Over the last three decades, there has been the recognition of a very disturbing trend of antibiotic resistance amongst a wide variety of pathogens that are causing serious disease in patients residing in the community, in long-term care facilities, and in hospitals. Especially troublesome have been Streptococcus pneumoniae that may be resistant to penicillin and/or fluoroquinolones; Staphylococcus aureus, including all methicillin-resistant S. aureus (MRSA) variants, and rarely, those that may be resistant to vancomycin, linezolid, or daptomycin; Enterococcus spp. that are not susceptible to ampicillin, vancomycin, linezolid, or daptomycin; extended-spectrum β-lactamase-producing (ESBL) Escherichia coli and Klebsiella pneumoniae resistant to numerous agents; multidrug-resistant (MDR) Pseudomonas aeruginosa, Stenotrophomonas maltophilia, and Acinetobacter spp.; carbapenem-resistant K. pneumoniae, E. coli, and other Enterobacteriaceae; clindamycin-resistant Bacteroides fragilis; and Mycobacterium tuberculosis organisms resistant to all available drugs.
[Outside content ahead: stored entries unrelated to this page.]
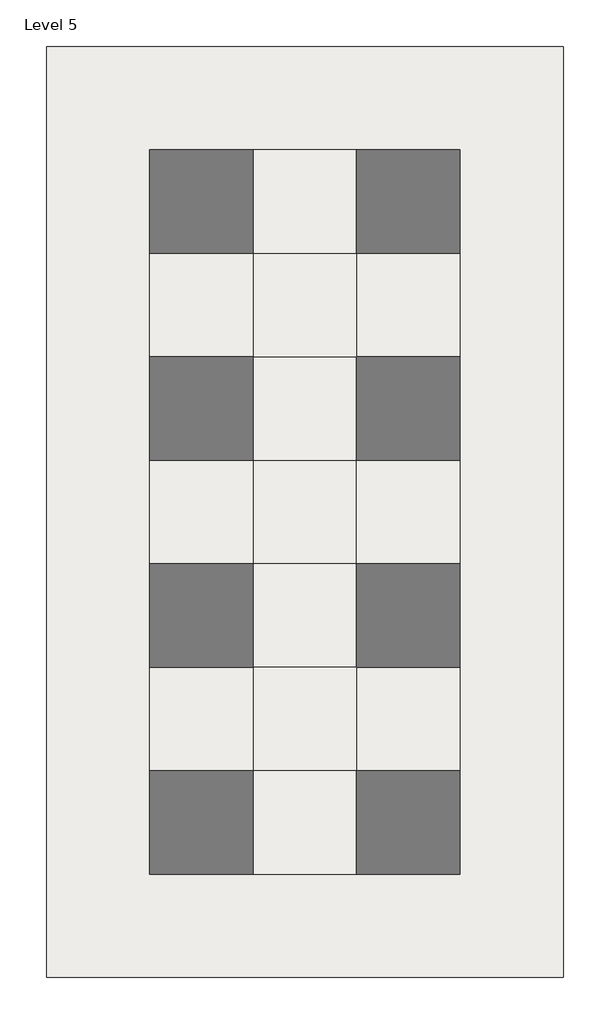
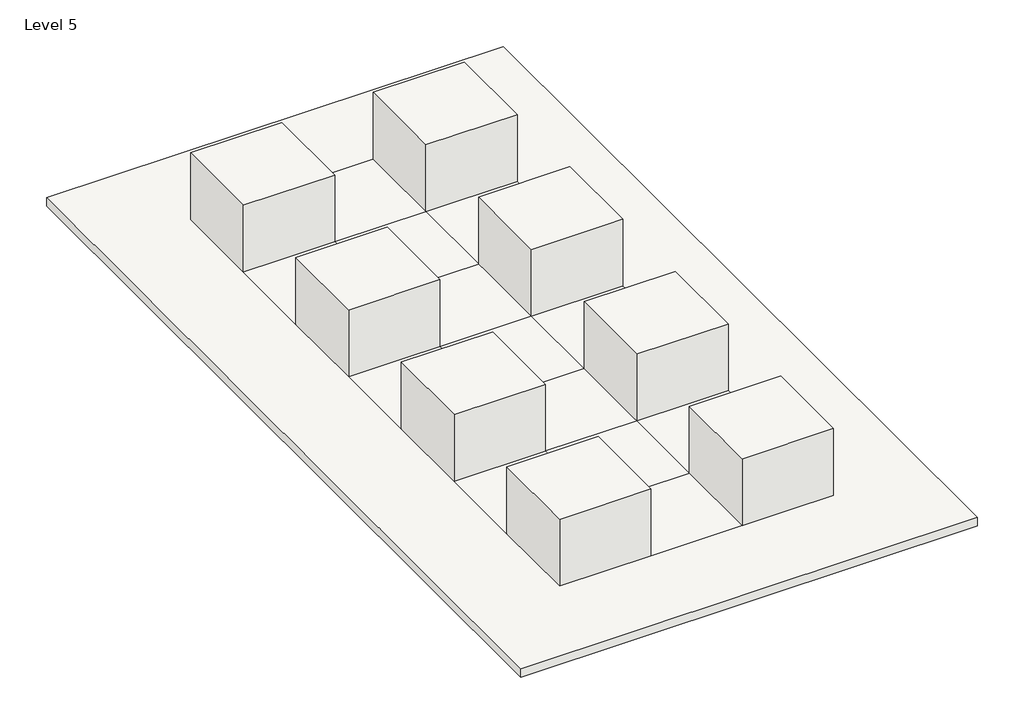
# One storey: 9 roofs.
"""IFC4 building model written with IfcOpenShell, lengths in millimetres."""

from ifc_helpers import new_model, si_unit, origin, place, context, project, spatial, faceted_brep, element, save

model = new_model("IFC4")

# Units and contexts
model_context = context("Model", 3, world=origin())
ifc_project = project(units=[si_unit("LENGTHUNIT", "METRE", prefix="MILLI")], contexts=[model_context])

# Site, building, storey
site = spatial("IfcSite", under=ifc_project)
building = spatial("IfcBuilding", under=site)
storey = spatial("IfcBuildingStorey", under=building, Name="Level 5", Elevation=20000.0)

# Roofs
placement = place(None, origin())
element("IfcRoof", 1, ObjectType="Bauder_RoofCoveringSystem_IntensiveGreenRoofSystem", at=placement, inside=storey, context=model_context, shape_type="Brep", body=[
    faceted_brep([(-674.7340554, 1676.2074539, 20000.0), (1325.2659446, 1676.2074539, 20000.0), (1325.2659446, -323.7925461, 20000.0), (-674.7340554, -323.7925461, 20000.0), (1325.2659446, 1676.2074539, 21749.8), (-674.7340554, 1676.2074539, 21749.8), (-674.7340554, -323.7925461, 21749.8), (1325.2659446, -323.7925461, 21749.8), (1325.2659446, 1676.2074539, 20200.0), (-674.7340554, 1676.2074539, 20200.0), (-674.7340554, -323.7925461, 20200.0), (1325.2659446, -323.7925461, 20200.0)], [[[0, 1, 2, 3]], [[4, 5, 6, 7]], [[5, 4, 8, 1, 0, 9]], [[6, 5, 9, 0, 3, 10]], [[7, 6, 10, 3, 2, 11]], [[4, 7, 11, 2, 1, 8]]]),
])
element("IfcRoof", 2, ObjectType="Bauder_RoofCoveringSystem_IntensiveGreenRoofSystem", at=placement, inside=storey, context=model_context, shape_type="Brep", body=[
    faceted_brep([(3325.2659446, 1676.2074539, 20000.0), (5325.2659446, 1676.2074539, 20000.0), (5325.2659446, -323.7925461, 20000.0), (3325.2659446, -323.7925461, 20000.0), (5325.2659446, 1676.2074539, 21749.8), (3325.2659446, 1676.2074539, 21749.8), (3325.2659446, -323.7925461, 21749.8), (5325.2659446, -323.7925461, 21749.8), (3325.2659446, 1676.2074539, 20200.0), (5325.2659446, 1676.2074539, 20200.0), (3325.2659446, -323.7925461, 20200.0), (5325.2659446, -323.7925461, 20200.0)], [[[0, 1, 2, 3]], [[4, 5, 6, 7]], [[0, 8, 5, 4, 9, 1]], [[3, 10, 6, 5, 8, 0]], [[2, 11, 7, 6, 10, 3]], [[1, 9, 4, 7, 11, 2]]]),
])
element("IfcRoof", 3, ObjectType="Bauder_RoofCoveringSystem_IntensiveGreenRoofSystem", at=placement, inside=storey, context=model_context, shape_type="Brep", body=[
    faceted_brep([(3325.2659446, -2323.7925461, 20000.0), (5325.2659446, -2323.7925461, 20000.0), (5325.2659446, -4323.7925461, 20000.0), (3325.2659446, -4323.7925461, 20000.0), (5325.2659446, -2323.7925461, 21749.8), (3325.2659446, -2323.7925461, 21749.8), (3325.2659446, -4323.7925461, 21749.8), (5325.2659446, -4323.7925461, 21749.8), (3325.2659446, -2323.7925461, 20200.0), (5325.2659446, -2323.7925461, 20200.0), (3325.2659446, -4323.7925461, 20200.0), (5325.2659446, -4323.7925461, 20200.0)], [[[0, 1, 2, 3]], [[4, 5, 6, 7]], [[0, 8, 5, 4, 9, 1]], [[3, 10, 6, 5, 8, 0]], [[2, 11, 7, 6, 10, 3]], [[1, 9, 4, 7, 11, 2]]]),
])
element("IfcRoof", 4, ObjectType="Bauder_RoofCoveringSystem_IntensiveGreenRoofSystem", at=placement, inside=storey, context=model_context, shape_type="Brep", body=[
    faceted_brep([(3325.2659446, -6323.7925461, 20000.0), (5325.2659446, -6323.7925461, 20000.0), (5325.2659446, -8323.7925461, 20000.0), (3325.2659446, -8323.7925461, 20000.0), (5325.2659446, -6323.7925461, 21749.8), (3325.2659446, -6323.7925461, 21749.8), (3325.2659446, -8323.7925461, 21749.8), (5325.2659446, -8323.7925461, 21749.8), (3325.2659446, -6323.7925461, 20200.0), (5325.2659446, -6323.7925461, 20200.0), (3325.2659446, -8323.7925461, 20200.0), (5325.2659446, -8323.7925461, 20200.0)], [[[0, 1, 2, 3]], [[4, 5, 6, 7]], [[0, 8, 5, 4, 9, 1]], [[3, 10, 6, 5, 8, 0]], [[2, 11, 7, 6, 10, 3]], [[1, 9, 4, 7, 11, 2]]]),
])
element("IfcRoof", 5, ObjectType="Bauder_RoofCoveringSystem_IntensiveGreenRoofSystem", at=placement, inside=storey, context=model_context, shape_type="Brep", body=[
    faceted_brep([(3325.2659446, -10323.7925461, 20000.0), (5325.2659446, -10323.7925461, 20000.0), (5325.2659446, -12323.7925461, 20000.0), (3325.2659446, -12323.7925461, 20000.0), (5325.2659446, -10323.7925461, 21749.8), (3325.2659446, -10323.7925461, 21749.8), (3325.2659446, -12323.7925461, 21749.8), (5325.2659446, -12323.7925461, 21749.8), (3325.2659446, -10323.7925461, 20200.0), (5325.2659446, -10323.7925461, 20200.0), (3325.2659446, -12323.7925461, 20200.0), (5325.2659446, -12323.7925461, 20200.0)], [[[0, 1, 2, 3]], [[4, 5, 6, 7]], [[0, 8, 5, 4, 9, 1]], [[3, 10, 6, 5, 8, 0]], [[2, 11, 7, 6, 10, 3]], [[1, 9, 4, 7, 11, 2]]]),
])
element("IfcRoof", 6, ObjectType="Bauder_RoofCoveringSystem_IntensiveGreenRoofSystem", at=placement, inside=storey, context=model_context, shape_type="Brep", body=[
    faceted_brep([(-674.7340554, -10323.7925461, 20000.0), (1325.2659446, -10323.7925461, 20000.0), (1325.2659446, -12323.7925461, 20000.0), (-674.7340554, -12323.7925461, 20000.0), (1325.2659446, -10323.7925461, 21749.8), (-674.7340554, -10323.7925461, 21749.8), (-674.7340554, -12323.7925461, 21749.8), (1325.2659446, -12323.7925461, 21749.8), (-674.7340554, -10323.7925461, 20200.0), (1325.2659446, -10323.7925461, 20200.0), (-674.7340554, -12323.7925461, 20200.0), (1325.2659446, -12323.7925461, 20200.0)], [[[0, 1, 2, 3]], [[4, 5, 6, 7]], [[0, 8, 5, 4, 9, 1]], [[3, 10, 6, 5, 8, 0]], [[2, 11, 7, 6, 10, 3]], [[1, 9, 4, 7, 11, 2]]]),
])
element("IfcRoof", 7, ObjectType="Bauder_RoofCoveringSystem_IntensiveGreenRoofSystem", at=placement, inside=storey, context=model_context, shape_type="Brep", body=[
    faceted_brep([(-674.7340554, -6323.7925461, 20000.0), (1325.2659446, -6323.7925461, 20000.0), (1325.2659446, -8323.7925461, 20000.0), (-674.7340554, -8323.7925461, 20000.0), (1325.2659446, -6323.7925461, 21749.8), (-674.7340554, -6323.7925461, 21749.8), (-674.7340554, -8323.7925461, 21749.8), (1325.2659446, -8323.7925461, 21749.8), (-674.7340554, -6323.7925461, 20200.0), (1325.2659446, -6323.7925461, 20200.0), (-674.7340554, -8323.7925461, 20200.0), (1325.2659446, -8323.7925461, 20200.0)], [[[0, 1, 2, 3]], [[4, 5, 6, 7]], [[0, 8, 5, 4, 9, 1]], [[3, 10, 6, 5, 8, 0]], [[2, 11, 7, 6, 10, 3]], [[1, 9, 4, 7, 11, 2]]]),
])
element("IfcRoof", 8, ObjectType="Bauder_RoofCoveringSystem_IntensiveGreenRoofSystem", at=placement, inside=storey, context=model_context, shape_type="Brep", body=[
    faceted_brep([(-674.7340554, -2323.7925461, 20000.0), (1325.2659446, -2323.7925461, 20000.0), (1325.2659446, -4323.7925461, 20000.0), (-674.7340554, -4323.7925461, 20000.0), (1325.2659446, -2323.7925461, 21749.8), (-674.7340554, -2323.7925461, 21749.8), (-674.7340554, -4323.7925461, 21749.8), (1325.2659446, -4323.7925461, 21749.8), (-674.7340554, -2323.7925461, 20200.0), (1325.2659446, -2323.7925461, 20200.0), (-674.7340554, -4323.7925461, 20200.0), (1325.2659446, -4323.7925461, 20200.0)], [[[0, 1, 2, 3]], [[4, 5, 6, 7]], [[0, 8, 5, 4, 9, 1]], [[3, 10, 6, 5, 8, 0]], [[2, 11, 7, 6, 10, 3]], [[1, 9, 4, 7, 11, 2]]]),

The pharmaceutical industry has responded to this grave concern and has developed a variety of agents, for example quinupristin–dalfopristin, linezolid, daptomycin, telavancin, and dalbavancin, which generally inhibit the growth of gram-positive bacteria; ceftaroline and ceftibiprole, which are cephalosporin class drugs that inhibit gram-positive organisms, including MRSA, and gram-negative bacteria; and tigecycline, which possesses inhibitory activity for a wide range of gram-positive, gram-negative, and anaerobic bacteria. As these antibiotics are used more frequently, it may be easier to precisely establish the indications for their use, their potential to cause toxicities and drug–drug interactions, and to identify the preferred agent for a specific infection.